§ **Data section**

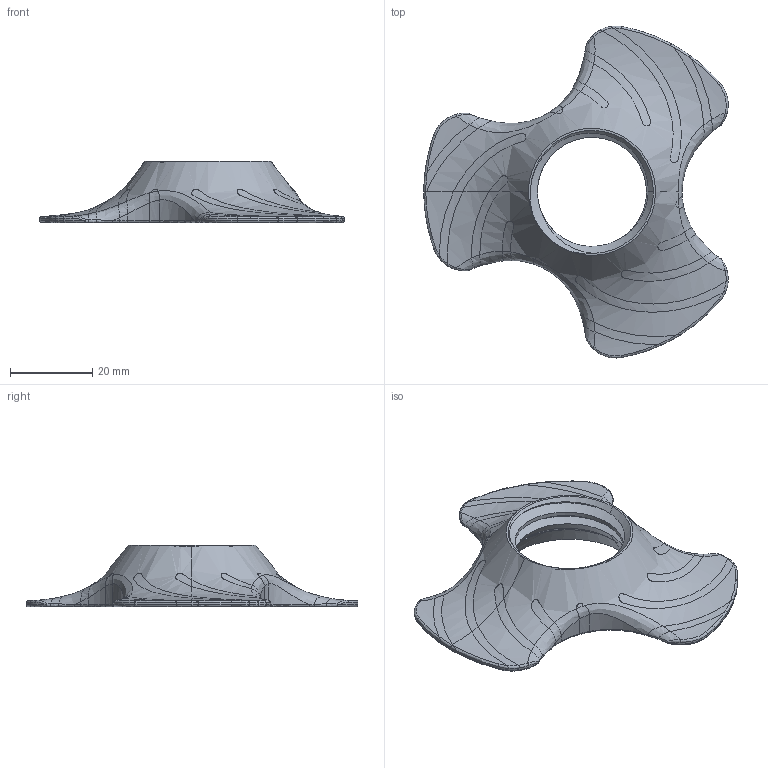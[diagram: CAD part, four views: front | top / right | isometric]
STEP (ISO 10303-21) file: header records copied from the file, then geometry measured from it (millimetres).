
FILE_DESCRIPTION (( 'STEP AP214' ), '1' );
FILE_NAME ('NutCurved_v3.2.STEP', '2019-04-12T14:10:36', ( '' ), ( '' ), 'SwSTEP 2.0', 'SolidWorks 2018', '' );
FILE_SCHEMA (( 'AUTOMOTIVE_DESIGN' ));
Length unit declared in the file: millimetre
Products named in the file (1): NutCurved_v3.2
Bounding box: 74.22 x 80.96 x 15 mm (x, y, z)
Volume: 14669.6 mm3; surface area: 13390.1 mm2
Topology: 16 solids, 16 shells, 455 faces, 1207 edges, 784 vertices
Faces by surface type: bspline 151, cylinder 146, plane 92, torus 48, sphere 12, cone 6
Entity records: 21013 total; most frequent: CARTESIAN_POINT 10909, ORIENTED_EDGE 2402, DIRECTION 1546, EDGE_CURVE 1201, VERTEX_POINT 784, AXIS2_PLACEMENT_3D 629, B_SPLINE_CURVE_WITH_KNOTS 580, EDGE_LOOP 505

§ **Your instructions**
Every entry must be retyped exactly, with the pictures removed.

§ **Exercise output**
[diagram: CAD part, four views: front | top / right | isometric]
STEP (ISO 10303-21) file: header records copied from the file, then geometry measured from it (millimetres).
FILE_DESCRIPTION (( 'STEP AP214' ), '1' );
FILE_NAME ('NutCurved_v3.2.STEP', '2019-04-12T14:10:36', ( '' ), ( '' ), 'SwSTEP 2.0', 'SolidWorks 2018', '' );
FILE_SCHEMA (( 'AUTOMOTIVE_DESIGN' ));
Length unit declared in the file: millimetre
Products named in the file (1): NutCurved_v3.2
Bounding box: 74.22 x 80.96 x 15 mm (x, y, z)
Volume: 14669.6 mm3; surface area: 13390.1 mm2
Topology: 16 solids, 16 shells, 455 faces, 1207 edges, 784 vertices
Faces by surface type: bspline 151, cylinder 146, plane 92, torus 48, sphere 12, cone 6
Entity records: 21013 total; most frequent: CARTESIAN_POINT 10909, ORIENTED_EDGE 2402, DIRECTION 1546, EDGE_CURVE 1201, VERTEX_POINT 784, AXIS2_PLACEMENT_3D 629, B_SPLINE_CURVE_WITH_KNOTS 580, EDGE_LOOP 505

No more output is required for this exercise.